* What the task requires: Copy out the lines below that hold the word "Motor".

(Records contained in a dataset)
= Beginning of Section =

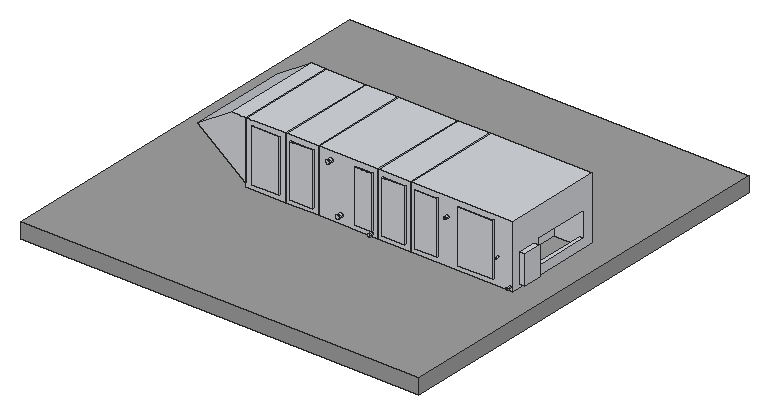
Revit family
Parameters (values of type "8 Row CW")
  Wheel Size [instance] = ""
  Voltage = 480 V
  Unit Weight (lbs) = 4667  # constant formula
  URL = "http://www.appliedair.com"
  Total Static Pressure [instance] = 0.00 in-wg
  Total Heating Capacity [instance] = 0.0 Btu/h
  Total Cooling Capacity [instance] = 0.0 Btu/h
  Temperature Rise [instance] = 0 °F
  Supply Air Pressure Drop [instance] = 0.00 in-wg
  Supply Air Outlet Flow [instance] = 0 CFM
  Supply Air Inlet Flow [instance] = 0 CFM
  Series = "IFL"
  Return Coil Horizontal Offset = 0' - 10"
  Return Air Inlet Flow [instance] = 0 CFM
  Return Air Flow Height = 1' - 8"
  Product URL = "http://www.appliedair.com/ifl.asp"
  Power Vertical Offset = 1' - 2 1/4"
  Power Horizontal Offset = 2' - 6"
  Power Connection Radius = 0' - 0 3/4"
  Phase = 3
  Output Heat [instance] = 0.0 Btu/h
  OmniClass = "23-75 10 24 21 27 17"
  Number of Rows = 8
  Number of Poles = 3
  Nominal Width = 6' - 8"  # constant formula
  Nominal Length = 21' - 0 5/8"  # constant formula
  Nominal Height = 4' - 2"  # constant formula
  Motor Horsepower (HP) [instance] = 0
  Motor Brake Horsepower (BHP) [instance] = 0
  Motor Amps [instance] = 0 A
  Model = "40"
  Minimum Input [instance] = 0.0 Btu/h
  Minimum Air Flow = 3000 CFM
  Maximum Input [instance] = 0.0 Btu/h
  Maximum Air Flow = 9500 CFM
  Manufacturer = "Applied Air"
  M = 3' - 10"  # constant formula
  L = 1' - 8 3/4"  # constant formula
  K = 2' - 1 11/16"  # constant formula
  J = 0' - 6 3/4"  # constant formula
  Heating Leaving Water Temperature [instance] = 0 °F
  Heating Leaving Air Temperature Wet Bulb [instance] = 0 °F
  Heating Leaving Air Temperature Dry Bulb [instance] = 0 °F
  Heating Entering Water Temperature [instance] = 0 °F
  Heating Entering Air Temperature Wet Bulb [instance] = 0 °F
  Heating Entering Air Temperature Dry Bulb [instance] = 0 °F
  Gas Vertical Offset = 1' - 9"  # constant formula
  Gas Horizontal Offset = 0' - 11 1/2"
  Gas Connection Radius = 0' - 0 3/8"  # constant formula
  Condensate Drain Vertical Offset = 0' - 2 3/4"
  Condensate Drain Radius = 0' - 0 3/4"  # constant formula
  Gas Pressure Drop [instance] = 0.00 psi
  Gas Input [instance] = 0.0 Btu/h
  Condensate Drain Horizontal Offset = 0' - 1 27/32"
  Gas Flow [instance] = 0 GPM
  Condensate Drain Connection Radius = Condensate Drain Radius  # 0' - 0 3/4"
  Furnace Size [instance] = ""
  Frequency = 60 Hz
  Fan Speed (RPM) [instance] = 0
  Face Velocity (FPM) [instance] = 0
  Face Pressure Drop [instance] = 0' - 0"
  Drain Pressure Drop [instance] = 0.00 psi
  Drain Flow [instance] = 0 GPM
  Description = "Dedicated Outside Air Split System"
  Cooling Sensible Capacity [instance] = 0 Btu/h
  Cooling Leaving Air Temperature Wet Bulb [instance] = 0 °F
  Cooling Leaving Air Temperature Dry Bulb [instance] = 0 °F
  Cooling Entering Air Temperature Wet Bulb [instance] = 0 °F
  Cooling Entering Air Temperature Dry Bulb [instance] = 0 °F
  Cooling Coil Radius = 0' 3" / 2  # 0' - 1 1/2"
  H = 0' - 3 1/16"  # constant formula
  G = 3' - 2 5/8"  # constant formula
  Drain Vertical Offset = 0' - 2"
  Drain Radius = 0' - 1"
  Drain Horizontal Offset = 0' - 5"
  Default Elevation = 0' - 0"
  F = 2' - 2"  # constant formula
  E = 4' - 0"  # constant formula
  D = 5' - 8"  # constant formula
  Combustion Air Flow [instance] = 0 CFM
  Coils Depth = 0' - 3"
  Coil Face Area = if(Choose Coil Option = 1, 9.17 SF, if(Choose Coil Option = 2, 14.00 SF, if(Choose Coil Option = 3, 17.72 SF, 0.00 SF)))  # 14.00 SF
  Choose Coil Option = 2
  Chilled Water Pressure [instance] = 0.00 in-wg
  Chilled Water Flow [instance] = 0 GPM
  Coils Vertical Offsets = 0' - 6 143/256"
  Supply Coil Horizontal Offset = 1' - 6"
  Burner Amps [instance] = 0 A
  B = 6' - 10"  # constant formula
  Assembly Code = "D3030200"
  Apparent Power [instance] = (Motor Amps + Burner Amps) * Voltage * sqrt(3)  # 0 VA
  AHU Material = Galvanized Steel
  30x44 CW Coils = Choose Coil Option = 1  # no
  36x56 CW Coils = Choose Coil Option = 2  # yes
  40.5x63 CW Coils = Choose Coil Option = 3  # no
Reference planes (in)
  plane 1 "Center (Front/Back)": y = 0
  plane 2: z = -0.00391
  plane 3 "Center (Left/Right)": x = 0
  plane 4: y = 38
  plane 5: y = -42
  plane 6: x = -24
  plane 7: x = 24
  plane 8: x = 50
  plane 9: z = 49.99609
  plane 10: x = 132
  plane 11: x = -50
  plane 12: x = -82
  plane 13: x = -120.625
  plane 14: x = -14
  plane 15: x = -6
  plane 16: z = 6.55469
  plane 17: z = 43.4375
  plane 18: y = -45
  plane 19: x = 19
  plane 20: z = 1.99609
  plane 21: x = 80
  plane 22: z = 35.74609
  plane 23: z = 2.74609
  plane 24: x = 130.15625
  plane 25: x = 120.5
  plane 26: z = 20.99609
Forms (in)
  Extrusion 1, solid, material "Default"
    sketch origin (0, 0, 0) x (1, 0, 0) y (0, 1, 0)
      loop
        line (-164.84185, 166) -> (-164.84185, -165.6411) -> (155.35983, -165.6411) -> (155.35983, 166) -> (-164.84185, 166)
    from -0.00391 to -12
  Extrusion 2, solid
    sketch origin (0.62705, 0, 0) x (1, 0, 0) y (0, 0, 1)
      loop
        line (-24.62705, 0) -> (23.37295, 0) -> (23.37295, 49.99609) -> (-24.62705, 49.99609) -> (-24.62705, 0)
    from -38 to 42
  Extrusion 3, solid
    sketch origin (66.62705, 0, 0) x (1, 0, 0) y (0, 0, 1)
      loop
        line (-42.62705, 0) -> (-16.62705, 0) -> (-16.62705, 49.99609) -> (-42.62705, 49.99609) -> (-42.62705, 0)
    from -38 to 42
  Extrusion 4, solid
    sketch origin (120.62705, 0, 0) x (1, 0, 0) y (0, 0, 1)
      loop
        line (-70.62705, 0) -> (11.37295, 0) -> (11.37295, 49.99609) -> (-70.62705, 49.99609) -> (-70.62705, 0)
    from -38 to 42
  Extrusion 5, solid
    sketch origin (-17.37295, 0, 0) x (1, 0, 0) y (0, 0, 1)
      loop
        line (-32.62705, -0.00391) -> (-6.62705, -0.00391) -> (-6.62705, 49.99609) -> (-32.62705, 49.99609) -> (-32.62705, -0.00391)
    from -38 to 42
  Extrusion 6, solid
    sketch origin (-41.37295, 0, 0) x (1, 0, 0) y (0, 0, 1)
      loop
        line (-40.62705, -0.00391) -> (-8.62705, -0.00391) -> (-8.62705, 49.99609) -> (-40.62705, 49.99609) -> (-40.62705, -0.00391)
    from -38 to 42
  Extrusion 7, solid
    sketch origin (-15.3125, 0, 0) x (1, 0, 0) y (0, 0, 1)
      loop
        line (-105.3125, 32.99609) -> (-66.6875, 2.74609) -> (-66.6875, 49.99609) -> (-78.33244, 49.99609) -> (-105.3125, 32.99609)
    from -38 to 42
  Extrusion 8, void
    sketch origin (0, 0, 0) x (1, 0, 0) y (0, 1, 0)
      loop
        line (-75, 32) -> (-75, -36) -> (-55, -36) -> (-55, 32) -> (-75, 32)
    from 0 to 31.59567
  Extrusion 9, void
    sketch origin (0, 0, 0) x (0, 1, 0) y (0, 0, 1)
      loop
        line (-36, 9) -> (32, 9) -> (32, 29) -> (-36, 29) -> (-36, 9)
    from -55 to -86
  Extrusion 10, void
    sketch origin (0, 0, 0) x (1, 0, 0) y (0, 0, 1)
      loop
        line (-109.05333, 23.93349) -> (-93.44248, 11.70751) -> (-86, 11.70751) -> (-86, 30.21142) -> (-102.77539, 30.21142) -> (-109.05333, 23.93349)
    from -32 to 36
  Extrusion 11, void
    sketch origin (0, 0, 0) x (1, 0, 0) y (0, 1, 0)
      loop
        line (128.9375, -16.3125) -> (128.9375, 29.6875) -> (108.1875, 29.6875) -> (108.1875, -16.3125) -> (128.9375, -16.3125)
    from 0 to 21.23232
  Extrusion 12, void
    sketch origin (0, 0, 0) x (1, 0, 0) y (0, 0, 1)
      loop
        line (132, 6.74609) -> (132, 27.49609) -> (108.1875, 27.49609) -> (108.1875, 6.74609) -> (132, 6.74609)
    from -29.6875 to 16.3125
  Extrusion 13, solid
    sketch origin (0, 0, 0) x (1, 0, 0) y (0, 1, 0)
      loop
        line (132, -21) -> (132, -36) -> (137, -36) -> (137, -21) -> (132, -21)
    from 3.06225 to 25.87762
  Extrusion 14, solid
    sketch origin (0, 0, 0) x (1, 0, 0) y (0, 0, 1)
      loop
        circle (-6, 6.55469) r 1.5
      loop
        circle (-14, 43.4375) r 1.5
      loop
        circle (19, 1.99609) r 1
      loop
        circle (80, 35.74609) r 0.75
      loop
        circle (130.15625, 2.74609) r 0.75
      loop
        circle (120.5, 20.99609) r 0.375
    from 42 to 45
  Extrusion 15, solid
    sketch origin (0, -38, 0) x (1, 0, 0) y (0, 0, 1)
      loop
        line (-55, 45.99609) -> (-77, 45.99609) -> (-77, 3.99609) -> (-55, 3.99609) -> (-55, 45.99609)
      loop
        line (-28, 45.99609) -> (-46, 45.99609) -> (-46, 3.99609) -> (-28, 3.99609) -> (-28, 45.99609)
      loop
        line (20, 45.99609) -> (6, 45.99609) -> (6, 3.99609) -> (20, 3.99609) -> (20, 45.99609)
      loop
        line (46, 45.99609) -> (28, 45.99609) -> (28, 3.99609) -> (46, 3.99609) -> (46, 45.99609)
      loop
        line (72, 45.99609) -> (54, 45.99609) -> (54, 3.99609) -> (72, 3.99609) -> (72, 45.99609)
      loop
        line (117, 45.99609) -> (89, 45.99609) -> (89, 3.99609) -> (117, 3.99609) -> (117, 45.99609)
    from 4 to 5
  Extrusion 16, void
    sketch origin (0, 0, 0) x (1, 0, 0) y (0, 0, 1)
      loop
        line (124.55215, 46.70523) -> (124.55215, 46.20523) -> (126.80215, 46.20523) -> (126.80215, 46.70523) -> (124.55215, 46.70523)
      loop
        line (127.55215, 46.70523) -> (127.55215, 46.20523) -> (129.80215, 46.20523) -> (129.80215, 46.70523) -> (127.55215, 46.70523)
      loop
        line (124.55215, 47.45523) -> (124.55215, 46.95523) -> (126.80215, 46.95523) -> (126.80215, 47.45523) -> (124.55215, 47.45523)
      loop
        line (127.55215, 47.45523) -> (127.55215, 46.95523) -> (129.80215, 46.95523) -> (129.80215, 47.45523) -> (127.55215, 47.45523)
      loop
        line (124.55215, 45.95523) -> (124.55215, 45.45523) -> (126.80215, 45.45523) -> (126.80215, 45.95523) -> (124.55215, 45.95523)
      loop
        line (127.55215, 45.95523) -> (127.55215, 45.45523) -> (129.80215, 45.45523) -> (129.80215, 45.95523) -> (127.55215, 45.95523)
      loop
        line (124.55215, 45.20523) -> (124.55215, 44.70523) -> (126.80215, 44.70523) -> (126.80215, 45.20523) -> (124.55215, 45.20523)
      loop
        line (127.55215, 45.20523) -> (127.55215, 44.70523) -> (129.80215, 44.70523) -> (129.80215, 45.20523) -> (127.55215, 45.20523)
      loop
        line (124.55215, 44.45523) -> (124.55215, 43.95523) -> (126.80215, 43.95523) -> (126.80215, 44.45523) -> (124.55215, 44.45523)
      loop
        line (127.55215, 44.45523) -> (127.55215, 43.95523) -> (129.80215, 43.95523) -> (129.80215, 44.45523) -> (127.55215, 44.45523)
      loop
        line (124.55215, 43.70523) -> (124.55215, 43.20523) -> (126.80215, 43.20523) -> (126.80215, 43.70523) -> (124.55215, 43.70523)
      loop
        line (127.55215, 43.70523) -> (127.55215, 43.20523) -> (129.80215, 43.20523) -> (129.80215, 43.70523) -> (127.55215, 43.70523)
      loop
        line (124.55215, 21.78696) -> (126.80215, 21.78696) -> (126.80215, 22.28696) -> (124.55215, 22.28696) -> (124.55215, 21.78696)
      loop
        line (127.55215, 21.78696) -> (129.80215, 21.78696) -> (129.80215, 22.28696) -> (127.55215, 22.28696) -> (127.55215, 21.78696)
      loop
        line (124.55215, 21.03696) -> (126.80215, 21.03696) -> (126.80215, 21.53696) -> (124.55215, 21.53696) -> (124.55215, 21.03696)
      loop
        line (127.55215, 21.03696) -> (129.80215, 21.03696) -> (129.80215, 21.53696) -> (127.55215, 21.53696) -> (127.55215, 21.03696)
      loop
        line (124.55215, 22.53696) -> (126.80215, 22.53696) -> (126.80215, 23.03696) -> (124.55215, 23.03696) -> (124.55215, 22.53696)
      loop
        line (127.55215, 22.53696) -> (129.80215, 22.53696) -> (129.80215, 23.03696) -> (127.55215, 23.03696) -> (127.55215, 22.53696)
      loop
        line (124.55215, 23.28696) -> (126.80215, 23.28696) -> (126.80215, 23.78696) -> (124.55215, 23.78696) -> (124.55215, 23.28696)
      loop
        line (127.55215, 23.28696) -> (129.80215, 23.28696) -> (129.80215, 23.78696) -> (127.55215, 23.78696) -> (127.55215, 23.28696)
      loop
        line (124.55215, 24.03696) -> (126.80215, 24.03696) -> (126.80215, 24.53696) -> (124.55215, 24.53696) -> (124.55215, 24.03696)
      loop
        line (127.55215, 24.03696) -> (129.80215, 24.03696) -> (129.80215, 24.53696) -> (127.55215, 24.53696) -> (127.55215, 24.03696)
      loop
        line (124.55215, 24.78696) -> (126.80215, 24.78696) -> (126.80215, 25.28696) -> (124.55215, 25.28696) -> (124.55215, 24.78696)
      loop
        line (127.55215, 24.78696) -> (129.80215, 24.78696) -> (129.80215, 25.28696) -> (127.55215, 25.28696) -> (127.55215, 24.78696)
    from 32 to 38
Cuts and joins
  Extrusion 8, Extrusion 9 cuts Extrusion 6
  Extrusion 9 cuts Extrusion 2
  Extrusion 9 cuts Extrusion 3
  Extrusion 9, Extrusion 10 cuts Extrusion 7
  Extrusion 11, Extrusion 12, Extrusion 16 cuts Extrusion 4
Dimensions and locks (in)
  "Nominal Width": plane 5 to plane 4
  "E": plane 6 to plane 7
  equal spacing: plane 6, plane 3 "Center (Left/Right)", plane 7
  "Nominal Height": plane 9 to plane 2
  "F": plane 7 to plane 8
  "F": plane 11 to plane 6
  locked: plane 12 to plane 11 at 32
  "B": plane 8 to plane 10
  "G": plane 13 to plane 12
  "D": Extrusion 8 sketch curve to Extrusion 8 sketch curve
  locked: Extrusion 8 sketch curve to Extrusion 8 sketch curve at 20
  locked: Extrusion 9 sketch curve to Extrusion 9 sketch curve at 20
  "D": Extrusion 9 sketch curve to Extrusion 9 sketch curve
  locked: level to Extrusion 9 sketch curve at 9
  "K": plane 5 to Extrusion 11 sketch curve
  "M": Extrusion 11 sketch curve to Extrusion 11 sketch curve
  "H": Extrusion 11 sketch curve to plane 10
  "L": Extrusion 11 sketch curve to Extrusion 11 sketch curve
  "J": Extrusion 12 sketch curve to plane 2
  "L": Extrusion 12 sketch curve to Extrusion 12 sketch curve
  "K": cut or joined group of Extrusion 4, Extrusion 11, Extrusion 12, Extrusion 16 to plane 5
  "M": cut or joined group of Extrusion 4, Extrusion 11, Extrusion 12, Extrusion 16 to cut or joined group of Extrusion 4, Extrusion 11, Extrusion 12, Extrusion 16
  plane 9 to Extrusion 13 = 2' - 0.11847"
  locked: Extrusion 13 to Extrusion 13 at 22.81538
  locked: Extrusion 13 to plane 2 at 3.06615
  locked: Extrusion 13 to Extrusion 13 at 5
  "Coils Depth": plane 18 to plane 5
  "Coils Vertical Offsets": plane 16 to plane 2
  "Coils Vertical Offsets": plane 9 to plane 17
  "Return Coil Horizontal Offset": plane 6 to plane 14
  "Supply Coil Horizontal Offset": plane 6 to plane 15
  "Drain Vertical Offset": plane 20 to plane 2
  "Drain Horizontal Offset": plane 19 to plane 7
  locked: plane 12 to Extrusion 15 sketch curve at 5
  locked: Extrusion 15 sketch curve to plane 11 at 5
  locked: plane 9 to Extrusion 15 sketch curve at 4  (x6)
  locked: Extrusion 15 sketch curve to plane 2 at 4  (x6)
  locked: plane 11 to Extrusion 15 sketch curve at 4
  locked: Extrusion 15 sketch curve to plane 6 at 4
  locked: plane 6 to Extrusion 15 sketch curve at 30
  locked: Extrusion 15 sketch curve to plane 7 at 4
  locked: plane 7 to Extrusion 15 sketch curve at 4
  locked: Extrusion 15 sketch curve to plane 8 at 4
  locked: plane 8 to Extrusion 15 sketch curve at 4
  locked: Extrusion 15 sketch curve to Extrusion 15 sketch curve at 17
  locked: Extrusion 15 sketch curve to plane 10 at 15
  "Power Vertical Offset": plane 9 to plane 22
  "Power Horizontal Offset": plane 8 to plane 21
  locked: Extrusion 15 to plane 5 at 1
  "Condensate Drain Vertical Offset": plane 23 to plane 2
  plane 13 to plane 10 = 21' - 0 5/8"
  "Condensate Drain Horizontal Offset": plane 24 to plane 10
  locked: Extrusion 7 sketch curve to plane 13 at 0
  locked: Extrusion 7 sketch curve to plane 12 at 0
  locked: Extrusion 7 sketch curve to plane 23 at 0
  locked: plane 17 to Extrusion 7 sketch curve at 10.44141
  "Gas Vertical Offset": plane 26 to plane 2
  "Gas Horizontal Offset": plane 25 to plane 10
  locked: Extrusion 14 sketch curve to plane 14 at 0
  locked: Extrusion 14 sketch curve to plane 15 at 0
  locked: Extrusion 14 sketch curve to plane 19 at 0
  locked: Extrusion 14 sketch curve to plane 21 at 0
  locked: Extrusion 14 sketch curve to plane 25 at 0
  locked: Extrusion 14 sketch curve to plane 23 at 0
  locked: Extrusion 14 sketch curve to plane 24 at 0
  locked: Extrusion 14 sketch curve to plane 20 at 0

= End of Section =

* Reply to the exercise:
  Motor Horsepower (HP) [instance] = 0
  Motor Brake Horsepower (BHP) [instance] = 0
  Motor Amps [instance] = 0 A
  Apparent Power [instance] = (Motor Amps + Burner Amps) * Voltage * sqrt(3)  # 0 VA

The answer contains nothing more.